The order for the last few months has been, “For your safety and the safety of others, please stay at home.” COVID-19 has brought monumental challenges to this world and smaller challenges to my personal world.
My daily life right now consists of three basic postures: (1) facing-the-daily- grind kind of things, (2) trying to stay in tune to His voice, and (3) trying to trace His hand in the events that are taking place.
And I am content. It is not that life is easy, but I find I have interior-ized something that my Russian mentor, Catherine de Heuck Doherty, taught me. In her book, Poustinia, Catherine was teaching the Western culture about the Eastern view of a hermitage. Not able to live in a secluded cabin as the old hermits did, we have the presence of God (our private little cabin) within us. I have carried that image for many years: My home is in me, so, in reality, I am always at home.
I Am at home; He is at home in me (John 15:5). And this sovereign God who is at home in me has everything in HIs sovereignly control.
But . . . I am still faced with living out the daily grind of the (almost) house-bound existence.
Days get confusing. Ooops, this is Thursday. We forgot to put the trash out.
I order my groceries only to find out I must wait over a week for a pick-up time.
I am looking at the Brady-bunch style of Zooming with my friends when I would rather be welcoming them into my home with a warm hug.
I wave at my neighbors driving down Kitten Creek Road, but I really have no idea how they are doing during this difficult time.
I wander around the house in a fog at times, not motivated to mop the floor, dust the furniture, or wash the windows (even though they need it) because I can do it tomorrow or the next day or the next day or the next day and no one is coming anyway.
Yet, I love my house, and I am at Home. The Spirit of God ministers peace, contentment, and yes, even joy.
My second posture is to attempt to stay in tune with the voice of God. For me, that means getting up early in the morning when I can savor a time of solitude with the Word. I need to hear His voice to cancel out the noise of the media that shouts alarming and sometimes/constantly(?) untruthful messages.

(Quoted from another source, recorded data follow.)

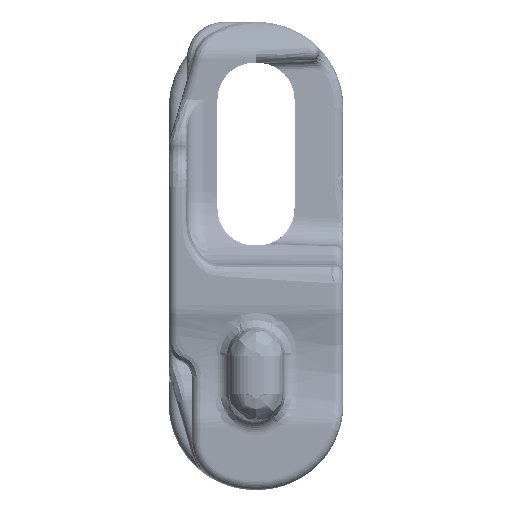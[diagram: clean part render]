
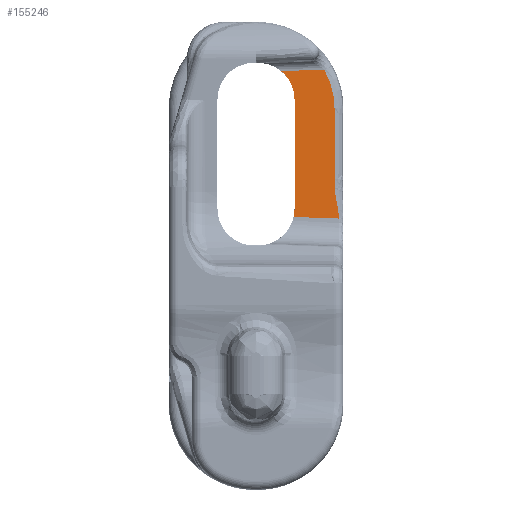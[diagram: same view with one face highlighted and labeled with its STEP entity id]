
A CAD part, left-side view. The second image highlights one B-rep face of the part: STEP entity #155246.
In plain terms, the highlighted planar face has unit normal (-0.999, -0.035, 0).
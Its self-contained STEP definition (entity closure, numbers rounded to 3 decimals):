
#38839=CARTESIAN_POINT('',(-198.184,-9.042,
6.082));
#38893=DIRECTION('',(0.,0.,-1.));
#38894=VECTOR('',#38893,11.9);
#38895=CARTESIAN_POINT('',(-198.353,-4.2,19.05));
#38896=LINE('',#38895,#38894);
#38897=CARTESIAN_POINT('',(-198.405,-2.733,
22.146));
#38898=CARTESIAN_POINT('',(-198.396,-2.977,
21.946));
#38899=CARTESIAN_POINT('',(-198.382,-3.393,
21.511));
#38900=CARTESIAN_POINT('',(-198.366,-3.842,
20.776));
#38901=CARTESIAN_POINT('',(-198.356,-4.127,
19.963));
#38902=CARTESIAN_POINT('',(-198.353,-4.2,19.366));
#38903=CARTESIAN_POINT('',(-198.353,-4.2,19.05));
#38905=DIRECTION('',(0.035,-0.999,0.035));
#38906=VECTOR('',#38905,4.702);
#38907=CARTESIAN_POINT('',(-198.405,-2.733,
22.146));
#38908=LINE('',#38907,#38906);
#38909=CARTESIAN_POINT('',(-198.241,-7.429,
22.31));
#38910=CARTESIAN_POINT('',(-198.239,-7.462,
22.252));
#38911=CARTESIAN_POINT('',(-198.237,-7.528,
22.136));
#38912=CARTESIAN_POINT('',(-198.234,-7.622,
21.959));
#38913=CARTESIAN_POINT('',(-198.231,-7.712,
21.78));
#38914=CARTESIAN_POINT('',(-198.228,-7.798,
21.598));
#38915=CARTESIAN_POINT('',(-198.225,-7.879,
21.415));
#38916=CARTESIAN_POINT('',(-198.222,-7.956,
21.23));
#38917=CARTESIAN_POINT('',(-198.22,-8.028,
21.043));
#38918=CARTESIAN_POINT('',(-198.217,-8.096,
20.855));
#38919=CARTESIAN_POINT('',(-198.215,-8.16,
20.664));
#38920=CARTESIAN_POINT('',(-198.213,-8.219,
20.473));
#38921=CARTESIAN_POINT('',(-198.211,-8.273,
20.28));
#38922=CARTESIAN_POINT('',(-198.209,-8.323,
20.086));
#38923=CARTESIAN_POINT('',(-198.208,-8.368,
19.89));
#38924=CARTESIAN_POINT('',(-198.206,-8.408,
19.694));
#38925=CARTESIAN_POINT('',(-198.205,-8.444,
19.497));
#38926=CARTESIAN_POINT('',(-198.204,-8.475,
19.299));
#38927=CARTESIAN_POINT('',(-198.203,-8.501,
19.1));
#38928=CARTESIAN_POINT('',(-198.202,-8.522,
18.901));
#38929=CARTESIAN_POINT('',(-198.202,-8.539,
18.701));
#38930=CARTESIAN_POINT('',(-198.201,-8.551,
18.501));
#38931=CARTESIAN_POINT('',(-198.201,-8.558,
18.3));
#38932=CARTESIAN_POINT('',(-198.201,-8.56,
18.167));
#38933=CARTESIAN_POINT('',(-198.201,-8.56,18.1));
#38935=CARTESIAN_POINT('',(-198.201,-8.56,18.1));
#38936=CARTESIAN_POINT('',(-198.201,-8.56,
17.844));
#38937=CARTESIAN_POINT('',(-198.201,-8.56,
17.348));
#38938=CARTESIAN_POINT('',(-198.201,-8.56,
16.658));
#38939=CARTESIAN_POINT('',(-198.201,-8.56,
16.016));
#38940=CARTESIAN_POINT('',(-198.201,-8.56,
15.419));
#38941=CARTESIAN_POINT('',(-198.201,-8.56,
14.864));
#38942=CARTESIAN_POINT('',(-198.201,-8.56,
14.347));
#38943=CARTESIAN_POINT('',(-198.201,-8.56,
13.867));
#38944=CARTESIAN_POINT('',(-198.201,-8.56,
13.42));
#38945=CARTESIAN_POINT('',(-198.201,-8.56,
13.005));
#38946=CARTESIAN_POINT('',(-198.201,-8.56,
12.618));
#38947=CARTESIAN_POINT('',(-198.201,-8.56,
12.259));
#38948=CARTESIAN_POINT('',(-198.201,-8.56,
11.925));
#38949=CARTESIAN_POINT('',(-198.201,-8.56,
11.614));
#38950=CARTESIAN_POINT('',(-198.201,-8.56,
11.326));
#38951=CARTESIAN_POINT('',(-198.201,-8.56,
11.058));
#38952=CARTESIAN_POINT('',(-198.201,-8.56,
10.81));
#38953=CARTESIAN_POINT('',(-198.201,-8.56,
10.58));
#38954=CARTESIAN_POINT('',(-198.201,-8.56,
10.367));
#38955=CARTESIAN_POINT('',(-198.201,-8.56,
10.169));
#38956=CARTESIAN_POINT('',(-198.201,-8.56,
9.986));
#38957=CARTESIAN_POINT('',(-198.201,-8.56,
9.821));
#38958=CARTESIAN_POINT('',(-198.201,-8.559,
9.671));
#38959=CARTESIAN_POINT('',(-198.201,-8.562,
9.529));
#38960=CARTESIAN_POINT('',(-198.201,-8.568,
9.388));
#38961=CARTESIAN_POINT('',(-198.2,-8.579,
9.241));
#38962=CARTESIAN_POINT('',(-198.2,-8.595,
9.077));
#38963=CARTESIAN_POINT('',(-198.199,-8.618,
8.887));
#38964=CARTESIAN_POINT('',(-198.198,-8.65,
8.671));
#38965=CARTESIAN_POINT('',(-198.196,-8.692,
8.43));
#38966=CARTESIAN_POINT('',(-198.195,-8.743,
8.159));
#38967=CARTESIAN_POINT('',(-198.193,-8.802,
7.865));
#38968=CARTESIAN_POINT('',(-198.191,-8.86,
7.58));
#38969=CARTESIAN_POINT('',(-198.189,-8.909,
7.32));
#38970=CARTESIAN_POINT('',(-198.187,-8.949,
7.089));
#38971=CARTESIAN_POINT('',(-198.186,-8.98,
6.888));
#38972=CARTESIAN_POINT('',(-198.186,-9.002,
6.712));
#38973=CARTESIAN_POINT('',(-198.185,-9.019,
6.552));
#38974=CARTESIAN_POINT('',(-198.185,-9.031,
6.4));
#38975=CARTESIAN_POINT('',(-198.184,-9.04,
6.248));
#38976=CARTESIAN_POINT('',(-198.184,-9.042,
6.139));
#38977=CARTESIAN_POINT('',(-198.184,-9.042,
6.082));
#38979=DIRECTION('',(0.035,-0.999,-0.035));
#38980=VECTOR('',#38979,4.95);
#38981=CARTESIAN_POINT('',(-198.357,-4.099,
6.255));
#38982=LINE('',#38981,#38980);
#38983=CARTESIAN_POINT('',(-198.353,-4.2,7.15));
#38984=CARTESIAN_POINT('',(-198.353,-4.2,6.848));
#38985=CARTESIAN_POINT('',(-198.355,-4.166,
6.55));
#38986=CARTESIAN_POINT('',(-198.357,-4.099,
6.255));
#94480=CARTESIAN_POINT('',(-198.353,-4.2,19.05));
#94481=CARTESIAN_POINT('',(-198.353,-4.2,7.15));
#94482=VERTEX_POINT('',#94480);
#94483=VERTEX_POINT('',#94481);
#102541=VERTEX_POINT('',#38897);
#102569=VERTEX_POINT('',#38986);
#106648=VERTEX_POINT('',#38839);
#106650=VERTEX_POINT('',#38935);
#106652=VERTEX_POINT('',#38909);
#155230=CARTESIAN_POINT('',(-198.5,0.,24.41));
#155231=DIRECTION('',(0.999,0.035,0.));
#155232=DIRECTION('',(0.,0.,-1.));
#155233=AXIS2_PLACEMENT_3D('',#155230,#155231,#155232);
#155234=PLANE('',#155233);
#155235=ORIENTED_EDGE('',*,*,#118890,.F.);
#155236=ORIENTED_EDGE('',*,*,#123294,.F.);
#155237=ORIENTED_EDGE('',*,*,#123700,.T.);
#155239=ORIENTED_EDGE('',*,*,#155238,.T.);
#155241=ORIENTED_EDGE('',*,*,#155240,.T.);
#155242=ORIENTED_EDGE('',*,*,#155222,.F.);
#155243=ORIENTED_EDGE('',*,*,#120755,.F.);
#155244=EDGE_LOOP('',(#155235,#155236,#155237,#155239,#155241,#155242,#155243));
#155245=FACE_OUTER_BOUND('',#155244,.F.);
#38904=B_SPLINE_CURVE_WITH_KNOTS('',3,(#38897,#38898,#38899,#38900,#38901,
#38902,#38903),.UNSPECIFIED.,.F.,.F.,(4,1,1,1,4),(0.,0.25,0.5,0.75,
1.),.UNSPECIFIED.);
#38934=B_SPLINE_CURVE_WITH_KNOTS('',3,(#38909,#38910,#38911,#38912,#38913,
#38914,#38915,#38916,#38917,#38918,#38919,#38920,#38921,#38922,#38923,#38924,
#38925,#38926,#38927,#38928,#38929,#38930,#38931,#38932,#38933),.UNSPECIFIED.,
.F.,.F.,(4,1,1,1,1,1,1,1,1,1,1,1,1,1,1,1,1,1,1,1,1,1,4),(0.,0.045,
0.091,0.136,0.182,0.227,
0.273,0.318,0.364,0.409,
0.455,0.5,0.545,0.591,0.636,
0.682,0.727,0.773,0.818,
0.864,0.909,0.955,1.),.UNSPECIFIED.);
#38978=B_SPLINE_CURVE_WITH_KNOTS('',3,(#38935,#38936,#38937,#38938,#38939,
#38940,#38941,#38942,#38943,#38944,#38945,#38946,#38947,#38948,#38949,#38950,
#38951,#38952,#38953,#38954,#38955,#38956,#38957,#38958,#38959,#38960,#38961,
#38962,#38963,#38964,#38965,#38966,#38967,#38968,#38969,#38970,#38971,#38972,
#38973,#38974,#38975,#38976,#38977),.UNSPECIFIED.,.F.,.F.,(4,1,1,1,1,1,1,1,1,1,
1,1,1,1,1,1,1,1,1,1,1,1,1,1,1,1,1,1,1,1,1,1,1,1,1,1,1,1,1,1,4),(0.,0.025,
0.05,0.075,0.1,0.125,0.15,0.175,0.2,0.225,0.25,0.275,0.3,
0.325,0.35,0.375,0.4,0.425,0.45,0.475,0.5,0.525,0.55,
0.575,0.6,0.625,0.65,0.675,0.7,0.725,0.75,0.775,0.8,0.825,
0.85,0.875,0.9,0.925,0.95,0.975,1.),.UNSPECIFIED.);
#38987=B_SPLINE_CURVE_WITH_KNOTS('',3,(#38983,#38984,#38985,#38986),
.UNSPECIFIED.,.F.,.F.,(4,4),(0.,1.),.UNSPECIFIED.);
#118890=EDGE_CURVE('',#94482,#94483,#38896,.T.);
#120755=EDGE_CURVE('',#94483,#102569,#38987,.T.);
#123294=EDGE_CURVE('',#102541,#94482,#38904,.T.);
#123700=EDGE_CURVE('',#102541,#106652,#38908,.T.);
#155222=EDGE_CURVE('',#102569,#106648,#38982,.T.);
#155238=EDGE_CURVE('',#106652,#106650,#38934,.T.);
#155240=EDGE_CURVE('',#106650,#106648,#38978,.T.);
#155246=ADVANCED_FACE('',(#155245),#155234,.F.);

My good-old Poustinia book speaks once again to me here:
Stand still, and allow the deadly restlessness of our tragic age to fall away like the worn-out, dusty cloak that it is. . . Stand still, and lifting your hearts and hands to God, pray that the mighty wind of his Holy Spirit may clear all the cobwebs of fears, selfishness, greed, and narrow-heartedness away from your soul. Pray that his tongues of flame may descend to give you the courage to begin again. All this standing still can be done in the midst of the outward noise of daily living and the duties of state in life. For it will bring order in the soul, God’s order, and God’s order will bring tranquility (45).
The third posture that I take is to lean into the sovereignty of God. I am limited to a very mortal body. I cannot possibly address all of the pain in my world. However, with prayer, I can take that phone call from a heart-broken friend; I can encourage my friends who are suffering from low self-esteem, anxiety, fear with words of encouragement; I can practice patience and share love with my dear extroverted husband as we work through our house-boundedness together.
As I wait in the midst of it all, I can repeat, “I wonder what God is doing now?”